Initially introduced in 1996, the HIPAA legislation’s primary purpose was to increase healthcare industry performance, enhance insurance portability, protect patients’ privacy, and ensure health information is kept confidential.
Three of the best examples of Personal Health Information are patient’s names, physical addresses, and email addresses, and the most significant benefits of HIPAA are:
Let’s take a look at the primary purposes of HIPAA today and what each of them involves.
HIPAA requires the coverage of and restricts limitations that a group health plan can place on benefits for pre-existing conditions. Group health plans may fail to provide benefits relating to pre-existing conditions for either 12 months or 18 months in the case of late enrollment. Individuals are allowed to reduce the exclusion period by the amount of time they have had creditable coverage before enrolling in the plan and after any significant breaks in coverage.
HIPAA legislation improved efficiency in the healthcare industry by ensuring that workers receive health insurance coverage when moving between jobs.
Now that we know this, what else does the HIPAA law make provision for?
Healthcare fraud and abuse are prevented by protecting patients and health plan members’ privacy, thus ensuring health information is kept secure. Patients are notified of breaches of their health data. New standards have been set that require healthcare groups to adopt effective ways of reducing their paperwork burden.
One of the most troubling issues in medicine today is medical liability. State medical liability reform is essential to lighten the heavy burden of patient death and injury. The enormous financial burdens imposed on medical practitioners and insurance companies may restrict patient access to the best quality care.
Let’s take a look at which rules are in place to protect patients’ electronic and personal information.
The Privacy Rule covers any protected health information (PHI) kept or transmitted by a covered entity in any form, whether paper, oral or electronic. Covered entities are required to take the necessary steps to limit the use or disclosure of protected health information to the necessary minimum. Under this rule, patients can also review and obtain a copy of their health records and request corrections.
The key aim of the HIPAA Security Rule is to ensure that electronically protected health information (ePHI) is adequately guarded.
Click here for more information on covered entities under HIPAA.
Information is essential to provide adequate healthcare. It is also crucial for everybody in the health care system to conveniently and efficiently access information to provide the right care at the right time and make appropriate decisions. The regulations have created a certain degree of uncertainty, and many have seen it as a possible barrier to accessing digital health information. Fact sheets were developed to eliminate this problem on HIPAA Permitted Uses and Disclosures, providing examples of when ePHI can be exchanged under HIPAA without requiring the patient’s specific authorization. The fact sheets address the following topics:
Now that we know more about permitted uses and disclosures, let’s look at the tax implications.

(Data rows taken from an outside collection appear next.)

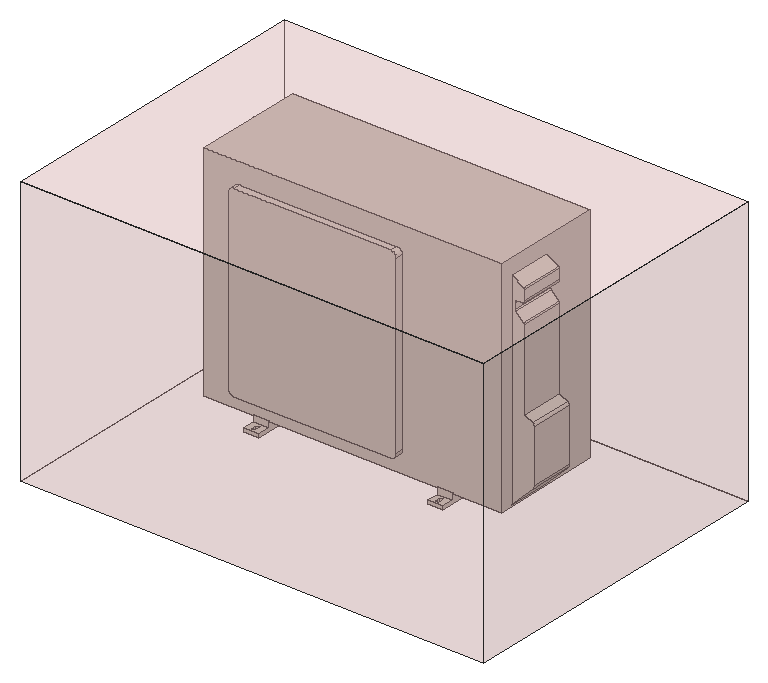
Revit family "PUZ-ZM50VKA2(-ET,ER)", category Mechanical Equipment, Revit 2018
Family settings
  Round Connector Dimension = Use Diameter
  Part Type = Normal
  OmniClass Number = 23.75.00.00
  OmniClass Title = Climate Control (HVAC)
  Work Plane-Based = No
  Always vertical = Yes
  Cut with Voids When Loaded = No
  Shared = No
  Room Calculation Point = No
Parameters (values of type "PUZ-ZM50VKA2(-ET,ER)")
  Width (mm)_ = "809"
  Width (in) = "31-13/16"
  Weight (lbs) = "101"
  Weight (kg) = "46"
  WarrantyStart = ""
  TagNumber = 0
  SerialNumber = 0
  ReplacementYear = ""
  Refrigerant piping :Pipe size O.D liquid (mm) = 6.350 mm
  Refrigerant piping :Pipe size O.D liquid (in) = "1/4"
  Refrigerant piping :Pipe size O.D gas (mm) = 12.700 mm
  Refrigerant piping :Pipe size O.D gas (in) = "1/2"
  Refrigerant control = "Linear expansion valve"
  Refrigerant charged (lbS) = "4.4"
  Refrigerant charged (kg) = "2.0"
  Refrigerant Piping length Between the indoor and outdoor unit(m) = "Maximum 50"
  Refrigerant Piping Height difference Between the indoor and outdoor unit(m) = "Maximum 30"
  Refrigerant Oil Charged (L) = "0.35"
  Refrigerant Oil (Model) = "FW68S"
  Model = "PUZ-ZM50VKA2(-ET,ER)"
  Voltage = 230 V
  URL = "http://www.mitsubishielectric.com/"
  Subcategory = "HVAC"
  Space View = yes
  Refrigerant type = "R32"
  Phase = 1
  Maxmum current (A) = 13 A
  Manufacturer = "Mitsubishi Electric Corporation"
  InstallationDate = ""
  Hertz = 50 Hz
  Height (mm)_ = "630"
  Height (in) = "24-13/16"
  Heating Sound pressure level (dB) = "46"
  Heat exchanger = "Plate fin coil"
  Fan drive = "Propeller fan"
  Fan No. = "1"
  Fan Motor Output (kW) = "0.046"
  Fan Airflow (m3/min) (CFM) = "45 (1590)"
  External Finish = "Munsell 3Y 7.8/1.1"
  Equip_description = ""
  Equip_No. = 0
  Equip_ID = ""
  Description_ = ""
  Description = "Outdoor unit"
  Depth (mm)_ = "300+20"
  Depth (in) = "11-13/16 + 25/32"
  Defrost method = "Reverse cycle"
  CreatedOn = ""
  CreatedBy = ""
  Crankcase heater (kW) = "-"
  Cooling Sound pressure level (dB) = "44"
  Connection method Outdoor side = "Flared"
  Connection method  Indoor side = "Flared"
  Compressor Starter type = "Inverter"
  Compressor Protection devices = "HP switch, Comp.surface thermistor"
  Compressor Motor Output (kW) = "1.0"
  Compressor Model = "SVB140FFSM"
  Compressor = "Hermetic"
  Category = ""
  Barcode = ""
  AssetIdentifier = ""
Reference planes
  plane 1 "Center (Front/Back)": y = 0
  plane 2 "Under": z = 0
  plane 3 "Center (Left/Right)": x = 0
  plane 4: x = -94.5
  plane 5 "Left": x = -404.5
  plane 6 "Right": x = 404.5
  plane 7: z = 320
  plane 8 "TOP": z = 630
  plane 9 "Back": y = 150
  plane 10 "Front": y = -150
  plane 11: y = 250
  plane 12: y = -650
  plane 13: x = -504.5
  plane 14: y = 101.5
  plane 15: z = 730
  plane 16 "pipe": y = -35.5
  plane 17: z = 99.5
  plane 18: x = 434.5
  plane 19: through (4267.2, -35.5, 99.5) normal (0, -0.682, 0.7314)
  plane 20: through (4267.2, -10.925, 181.707) normal (0, 0.5736, -0.8192)
  plane 21: z = 164.5
Forms (mm)
  Extrusion 1, solid, material "Paint_3Y 7.8/ 1.1"
    sketch origin (24.944, 5.059, 0) x (1, 0, 0) y (0, 1, 0)
      loop
        line (-429.444, 144.941) -> (-429.444, -155.059) -> (379.556, -155.059) -> (379.556, 144.941) -> (-429.444, 144.941)
    from 26 to 630
  Extrusion 2, void
    sketch origin (-445.511, 150, 0) x (-1, 0, 0) y (0, 0, -1)
      loop
        line (-759.9, -45) -> (-759.9, -595.625) -> (-90.6, -595.625) -> (-90.6, -45) -> (-759.9, -45)
    from 0 to 20
  Extrusion 3, solid
    sketch origin (-369.6, 137.297, 45) x (1, 0, 0) y (0, 1, 0)
      loop
        circle (514.071, 12.703) r 1.954
      loop
        circle (354.071, 12.703) r 1.954
      loop
        circle (184.071, 12.703) r 1.954
      loop
        circle (23.993, 12.703) r 1.954
      loop
        circle (673.993, 12.703) r 1.954
    from 0 to 550.625
  Extrusion 4, solid
    sketch origin (-450.056, -7.644, 0) x (0, 1, 0) y (0, 0, 1)
      loop
        circle (157.644, 320.312) r 2
      loop
        circle (157.644, 451.312) r 2
      loop
        circle (157.644, 582.312) r 2
      loop
        circle (157.644, 189.312) r 2
      loop
        circle (157.644, 58.312) r 2
    from 95.145 to 764.445
  Extrusion 5, solid, material "Paint_3Y 7.8/ 1.1"
    sketch origin (24.944, -147.241, 0) x (1, 0, 0) y (0, 0, 1)
      loop
        line (379.556, 30) -> (439.627, 90.071)
        arc (439.627, 90.071) -> (441.795, 93.315) -> (442.556, 97.142) r 10
        line (442.556, 97.142) -> (442.556, 240.649)
        arc (442.556, 240.649) -> (441.217, 245.649) -> (437.556, 249.309) r 10
        line (437.556, 249.309) -> (415.575, 262) -> (415.575, 481.488)
        arc (415.575, 481.488) -> (415.195, 483.401) -> (414.111, 485.023) r 5
        line (414.111, 485.023) -> (392.291, 506.843)
        arc (392.291, 506.843) -> (391.207, 508.465) -> (390.827, 510.379) r 5
        line (390.827, 510.379) -> (390.827, 528.065)
        arc (390.827, 528.065) -> (392.291, 531.601) -> (395.827, 533.065) r 5
        line (395.827, 533.065) -> (410.575, 533.065)
        arc (410.575, 533.065) -> (414.111, 534.53) -> (415.575, 538.065) r 5
        line (415.575, 538.065) -> (415.575, 566.518)
        arc (415.575, 566.518) -> (414.906, 569.018) -> (413.075, 570.848) r 5
        line (413.075, 570.848) -> (379.556, 590.2) -> (379.556, 30)
    from -147.241 to -30.241
  Extrusion 6, solid
    sketch origin (404.5, 5.059, 5.7) x (0, 1, 0) y (0, 0, 1)
      loop
        line (-113.021, 551.079) -> (-113.021, 492) -> (-14.055, 492) -> (-14.055, 551.079) -> (-113.021, 551.079)
    from 0 to 5
  Extrusion 7, solid, material "Paint_3Y 7.8/ 1.1"
    sketch origin (0, 0, 0) x (1, 0, 0) y (0, 0, 1)
      loop
        line (-404.5, 605) -> (-404.5, 615) -> (-426.019, 610.175)
        arc (-426.019, 610.175) -> (-426.581, 609.824) -> (-426.8, 609.199) r 1
        line (-426.8, 609.199) -> (-426.8, 605) -> (-404.5, 605)
    from 50 to -50
  Extrusion 8, void
    sketch origin (0, -0.5, 0) x (1, 0, 0) y (0, 1, 0)
      loop
        circle (0, 102) r 21
    from 26 to 45
  Extrusion 9, solid
    sketch origin (0, 10.418, 6.27) x (0, -0.681998, 0.731354) y (1, 0, 0)
      loop
        circle (99.5, 434.5) r 6.35
    from -10 to 30
  Extrusion 10, solid
    sketch origin (0, 33.992, 12.952) x (0, -0.573576, 0.819152) y (1, 0, 0)
      loop
        circle (164, 434.5) r 3.175
    from -10 to 30
  Extrusion 11, solid, material "Paint_3Y 7.8/ 1.1"
    sketch origin (0, -150, 0) x (-1, 0, 0) y (0, 0, 1)
      loop
        line (307.5, 573) -> (-118.5, 573)
        arc (-118.5, 573) -> (-129.107, 568.607) -> (-133.5, 558) r 15
        line (-133.5, 558) -> (-133.5, 82)
        arc (-133.5, 82) -> (-129.107, 71.393) -> (-118.5, 67) r 15
        line (-118.5, 67) -> (307.5, 67)
        arc (307.5, 67) -> (318.107, 71.393) -> (322.5, 82) r 15
        line (322.5, 82) -> (322.5, 558)
        arc (322.5, 558) -> (318.107, 568.607) -> (307.5, 573) r 15
    from 0 to -20
  Extrusion 12, solid, material "Service space", visible <- "Space View"
    sketch origin (0, 0, 0) x (1, 0, 0) y (0, 1, 0)
      loop
        line (-504.5, 250) -> (-504.5, -650) -> (754.5, -650) -> (754.5, 250) -> (-504.5, 250)
    from 0 to 730
Cuts and joins
  Extrusion 2, Extrusion 8 cuts Extrusion 1
  Extrusion 2 cuts Extrusion 3
  Extrusion 2 cuts Extrusion 4
Lines and regions (mm)
  model lines
    curve 1: line (-334.5, 42, 630) -> (334.5, 42, 630)
    curve 2: line (-344.5, 92, 630) -> (-344.5, 52, 630)
    curve 3: line (334.5, 102, 630) -> (-334.5, 102, 630)
    curve 4: line (344.5, 92, 630) -> (344.5, 52, 630)
    curve 5: line (-334.5, -102, 630) -> (334.5, -102, 630)
    curve 6: line (-344.5, -52, 630) -> (-344.5, -92, 630)
    curve 7: line (334.5, -42, 630) -> (-334.5, -42, 630)
    curve 8: line (344.5, -52, 630) -> (344.5, -92, 630)
    curve 9: line (-334.5, -30, 630) -> (334.5, -30, 630)
    curve 10: line (-344.5, 20, 630) -> (-344.5, -20, 630)
    curve 11: line (334.5, 30, 630) -> (-334.5, 30, 630)
    curve 12: line (344.5, 20, 630) -> (344.5, -20, 630)
    curve 13: line (-364.487, -102, 630) -> (-364.487, 98.838, 630)
    curve 14: line (-354.534, 98.838, 630) -> (-354.534, -102, 630)
    curve 15: arc (334.5, 102, 630) -> (341.571, 99.071, 630) -> (344.5, 92, 630) r 10
    curve 16: arc (344.5, 52, 630) -> (341.571, 44.929, 630) -> (334.5, 42, 630) r 10
    curve 17: arc (-344.5, 92, 630) -> (-341.571, 99.071, 630) -> (-334.5, 102, 630) r 10
    curve 18: arc (-344.5, 52, 630) -> (-341.571, 44.929, 630) -> (-334.5, 42, 630) r 10
    curve 19: arc (-334.5, 30, 630) -> (-341.571, 27.071, 630) -> (-344.5, 20, 630) r 10
    curve 20: arc (-344.5, -20, 630) -> (-341.571, -27.071, 630) -> (-334.5, -30, 630) r 10
    curve 21: arc (-334.5, -42, 630) -> (-341.571, -44.929, 630) -> (-344.5, -52, 630) r 10
    curve 22: arc (-344.5, -92, 630) -> (-341.571, -99.071, 630) -> (-334.5, -102, 630) r 10
    curve 23: arc (334.5, 30, 630) -> (341.571, 27.071, 630) -> (344.5, 20, 630) r 10
    curve 24: arc (334.5, -30, 630) -> (341.571, -27.071, 630) -> (344.5, -20, 630) r 10
    curve 25: arc (334.5, -42, 630) -> (341.571, -44.929, 630) -> (344.5, -52, 630) r 10
    curve 26: arc (334.5, -102, 630) -> (341.571, -99.071, 630) -> (344.5, -92, 630) r 10
    curve 27: arc (-364.487, 98.838, 630) -> (-359.511, 103.814, 630) -> (-354.534, 98.838, 630) r 4.976
    curve 28: arc (-354.534, -102, 630) -> (-359.511, -106.976, 630) -> (-364.487, -102, 630) r 4.976
    curve 29: line (364.487, -102, 630) -> (364.487, 98.838, 630)
    curve 30: line (354.534, 98.838, 630) -> (354.534, -102, 630)
    curve 31: arc (364.487, 98.838, 630) -> (359.511, 103.814, 630) -> (354.534, 98.838, 630) r 4.976
    curve 32: arc (354.534, -102, 630) -> (359.511, -106.976, 630) -> (364.487, -102, 630) r 4.976
    curve 33: circle (-94.5, -170, 320) r 215 normal (0, 1, 0)
    curve 34: line (133.5, -170, 555) -> (-322.5, -170, 555)
    curve 35: line (133.5, -170, 461) -> (-322.5, -170, 461)
    curve 36: line (133.5, -170, 367) -> (-322.5, -170, 367)
    curve 37: line (133.5, -170, 273) -> (-322.5, -170, 273)
    curve 38: line (133.5, -170, 179) -> (-322.5, -170, 179)
    curve 39: line (133.5, -170, 85) -> (-322.5, -170, 85)
    curve 40: line (-316.5, -170, 70) -> (-316.5, -170, 570)
    curve 41: line (-304.5, -170, 67) -> (-304.5, -170, 573)
    curve 42: line (-292.5, -170, 67) -> (-292.5, -170, 573)
    curve 43: line (-280.5, -170, 67) -> (-280.5, -170, 573)
    curve 44: line (-268.5, -170, 67) -> (-268.5, -170, 573)
    curve 45: line (-256.5, -170, 67) -> (-256.5, -170, 573)
    curve 46: line (-244.5, -170, 67) -> (-244.5, -170, 573)
    curve 47: line (-232.5, -170, 67) -> (-232.5, -170, 573)
    curve 48: line (-220.5, -170, 67) -> (-220.5, -170, 573)
    curve 49: line (-208.5, -170, 67) -> (-208.5, -170, 573)
    curve 50: line (-196.5, -170, 67) -> (-196.5, -170, 573)
    curve 51: line (-184.5, -170, 67) -> (-184.5, -170, 573)
    curve 52: line (-172.5, -170, 67) -> (-172.5, -170, 573)
    curve 53: line (-160.5, -170, 67) -> (-160.5, -170, 573)
    curve 54: line (-148.5, -170, 67) -> (-148.5, -170, 573)
    curve 55: line (-136.5, -170, 67) -> (-136.5, -170, 573)
    curve 56: line (-124.5, -170, 67) -> (-124.5, -170, 573)
    curve 57: line (-112.5, -170, 67) -> (-112.5, -170, 573)
    curve 58: line (-100.5, -170, 67) -> (-100.5, -170, 573)
    curve 59: line (-88.5, -170, 67) -> (-88.5, -170, 573)
    curve 60: line (-76.5, -170, 67) -> (-76.5, -170, 573)
    curve 61: line (-64.5, -170, 67) -> (-64.5, -170, 573)
    curve 62: line (-52.5, -170, 67) -> (-52.5, -170, 573)
    curve 63: line (-40.5, -170, 67) -> (-40.5, -170, 573)
    curve 64: line (-28.5, -170, 67) -> (-28.5, -170, 573)
    curve 65: line (-16.5, -170, 67) -> (-16.5, -170, 573)
    curve 66: line (-4.5, -170, 67) -> (-4.5, -170, 573)
    curve 67: line (7.5, -170, 67) -> (7.5, -170, 573)
    curve 68: line (19.5, -170, 67) -> (19.5, -170, 573)
    curve 69: line (31.5, -170, 67) -> (31.5, -170, 573)
    curve 70: line (43.5, -170, 67) -> (43.5, -170, 573)
    curve 71: line (55.5, -170, 67) -> (55.5, -170, 573)
    curve 72: line (67.5, -170, 67) -> (67.5, -170, 573)
    curve 73: line (79.5, -170, 67) -> (79.5, -170, 573)
    curve 74: line (91.5, -170, 67) -> (91.5, -170, 573)
    curve 75: line (103.5, -170, 67) -> (103.5, -170, 573)
    curve 76: line (115.5, -170, 67) -> (115.5, -170, 573)
    curve 77: line (127.5, -170, 70) -> (127.5, -170, 570)
    curve 78: line (-404.5, 105, 74) -> (-404.5, 25, 74)
    curve 79: line (-404.5, 110, 65) -> (-404.5, 110, 69)
    curve 80: line (-404.5, 25, 60) -> (-404.5, 105, 60)
    curve 81: line (-404.5, 20, 69) -> (-404.5, 20, 65)
    curve 82: arc (-404.5, 105, 74) -> (-404.5, 108.536, 72.536) -> (-404.5, 110, 69) r 5
    curve 83: arc (-404.5, 110, 65) -> (-404.5, 108.536, 61.464) -> (-404.5, 105, 60) r 5
    curve 84: arc (-404.5, 25, 74) -> (-404.5, 21.464, 72.536) -> (-404.5, 20, 69) r 5
    curve 85: arc (-404.5, 20, 65) -> (-404.5, 21.464, 61.464) -> (-404.5, 25, 60) r 5
    curve 86: line (-404.5, 3, 74) -> (-404.5, -77, 74)
    curve 87: line (-404.5, 8, 65) -> (-404.5, 8, 69)
    curve 88: line (-404.5, -77, 60) -> (-404.5, 3, 60)
    curve 89: line (-404.5, -82, 69) -> (-404.5, -82, 65)
    curve 90: arc (-404.5, 3, 74) -> (-404.5, 6.536, 72.536) -> (-404.5, 8, 69) r 5
    curve 91: arc (-404.5, 8, 65) -> (-404.5, 6.536, 61.464) -> (-404.5, 3, 60) r 5
    curve 92: arc (-404.5, -77, 74) -> (-404.5, -80.536, 72.536) -> (-404.5, -82, 69) r 5
    curve 93: arc (-404.5, -82, 65) -> (-404.5, -80.536, 61.464) -> (-404.5, -77, 60) r 5
    curve 94: line (-404.5, 105, 94) -> (-404.5, 25, 94)
    curve 95: line (-404.5, 110, 85) -> (-404.5, 110, 89)
    curve 96: line (-404.5, 25, 80) -> (-404.5, 105, 80)
    curve 97: line (-404.5, 20, 89) -> (-404.5, 20, 85)
    curve 98: arc (-404.5, 105, 94) -> (-404.5, 108.536, 92.536) -> (-404.5, 110, 89) r 5
    curve 99: arc (-404.5, 110, 85) -> (-404.5, 108.536, 81.464) -> (-404.5, 105, 80) r 5
    curve 100: arc (-404.5, 25, 94) -> (-404.5, 21.464, 92.536) -> (-404.5, 20, 89) r 5
    curve 101: arc (-404.5, 20, 85) -> (-404.5, 21.464, 81.464) -> (-404.5, 25, 80) r 5
    curve 102: line (-404.5, 3, 94) -> (-404.5, -77, 94)
    curve 103: line (-404.5, 8, 85) -> (-404.5, 8, 89)
    curve 104: line (-404.5, -77, 80) -> (-404.5, 3, 80)
    curve 105: line (-404.5, -82, 89) -> (-404.5, -82, 85)
    curve 106: arc (-404.5, 3, 94) -> (-404.5, 6.536, 92.536) -> (-404.5, 8, 89) r 5
    curve 107: arc (-404.5, 8, 85) -> (-404.5, 6.536, 81.464) -> (-404.5, 3, 80) r 5
    curve 108: arc (-404.5, -77, 94) -> (-404.5, -80.536, 92.536) -> (-404.5, -82, 89) r 5
    curve 109: arc (-404.5, -82, 85) -> (-404.5, -80.536, 81.464) -> (-404.5, -77, 80) r 5
    curve 110: line (-404.5, 105, 114) -> (-404.5, 25, 114)
    curve 111: line (-404.5, 110, 105) -> (-404.5, 110, 109)
    curve 112: line (-404.5, 25, 100) -> (-404.5, 105, 100)
    curve 113: line (-404.5, 20, 109) -> (-404.5, 20, 105)
    curve 114: arc (-404.5, 105, 114) -> (-404.5, 108.536, 112.536) -> (-404.5, 110, 109) r 5
    curve 115: arc (-404.5, 110, 105) -> (-404.5, 108.536, 101.464) -> (-404.5, 105, 100) r 5
    curve 116: arc (-404.5, 25, 114) -> (-404.5, 21.464, 112.536) -> (-404.5, 20, 109) r 5
    curve 117: arc (-404.5, 20, 105) -> (-404.5, 21.464, 101.464) -> (-404.5, 25, 100) r 5
    curve 118: line (-404.5, 3, 114) -> (-404.5, -77, 114)
    curve 119: line (-404.5, 8, 105) -> (-404.5, 8, 109)
    curve 120: line (-404.5, -77, 100) -> (-404.5, 3, 100)
    curve 121: line (-404.5, -82, 109) -> (-404.5, -82, 105)
    curve 122: arc (-404.5, 3, 114) -> (-404.5, 6.536, 112.536) -> (-404.5, 8, 109) r 5
    curve 123: arc (-404.5, 8, 105) -> (-404.5, 6.536, 101.464) -> (-404.5, 3, 100) r 5
    curve 124: arc (-404.5, -77, 114) -> (-404.5, -80.536, 112.536) -> (-404.5, -82, 109) r 5
    curve 125: arc (-404.5, -82, 105) -> (-404.5, -80.536, 101.464) -> (-404.5, -77, 100) r 5
    curve 126: line (-404.5, 105, 134) -> (-404.5, 25, 134)
    curve 127: line (-404.5, 110, 125) -> (-404.5, 110, 129)
    curve 128: line (-404.5, 25, 120) -> (-404.5, 105, 120)
    curve 129: line (-404.5, 20, 129) -> (-404.5, 20, 125)
    curve 130: arc (-404.5, 105, 134) -> (-404.5, 108.536, 132.536) -> (-404.5, 110, 129) r 5
    curve 131: arc (-404.5, 110, 125) -> (-404.5, 108.536, 121.464) -> (-404.5, 105, 120) r 5
    curve 132: arc (-404.5, 25, 134) -> (-404.5, 21.464, 132.536) -> (-404.5, 20, 129) r 5
    curve 133: arc (-404.5, 20, 125) -> (-404.5, 21.464, 121.464) -> (-404.5, 25, 120) r 5
    curve 134: line (-404.5, 3, 134) -> (-404.5, -77, 134)
    curve 135: line (-404.5, 8, 125) -> (-404.5, 8, 129)
    curve 136: line (-404.5, -77, 120) -> (-404.5, 3, 120)
    curve 137: line (-404.5, -82, 129) -> (-404.5, -82, 125)
    curve 138: arc (-404.5, 3, 134) -> (-404.5, 6.536, 132.536) -> (-404.5, 8, 129) r 5
    curve 139: arc (-404.5, 8, 125) -> (-404.5, 6.536, 121.464) -> (-404.5, 3, 120) r 5
    curve 140: arc (-404.5, -77, 134) -> (-404.5, -80.536, 132.536) -> (-404.5, -82, 129) r 5
    curve 141: arc (-404.5, -82, 125) -> (-404.5, -80.536, 121.464) -> (-404.5, -77, 120) r 5
    curve 142: line (-404.5, 105, 154) -> (-404.5, 25, 154)
    curve 143: line (-404.5, 110, 145) -> (-404.5, 110, 149)
    curve 144: line (-404.5, 25, 140) -> (-404.5, 105, 140)
    curve 145: line (-404.5, 20, 149) -> (-404.5, 20, 145)
    curve 146: arc (-404.5, 105, 154) -> (-404.5, 108.536, 152.536) -> (-404.5, 110, 149) r 5
    curve 147: arc (-404.5, 110, 145) -> (-404.5, 108.536, 141.464) -> (-404.5, 105, 140) r 5
    curve 148: arc (-404.5, 25, 154) -> (-404.5, 21.464, 152.536) -> (-404.5, 20, 149) r 5
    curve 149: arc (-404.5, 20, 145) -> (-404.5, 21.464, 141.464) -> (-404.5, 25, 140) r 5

HIPAA forbids the tax-deduction of interest on life insurance loans, enforces group health insurance requirements, and standardizes the amount of money saved in medical savings accounts before tax.
HIPAA also includes provisions related to the treatment of individuals who lose U.S. Citizenship for income tax purposes, company-owned life insurance, and repeals the financial institution rule to interest allocation rules.
In short, we can conclude that HIPAA’S primary aim is to enhance the portability of health insurance, to improve efficiency in the healthcare industry, and to protect the privacy of health plan members and patients, ensuring that patients are notified of violations and breaches and that their health information is kept secure.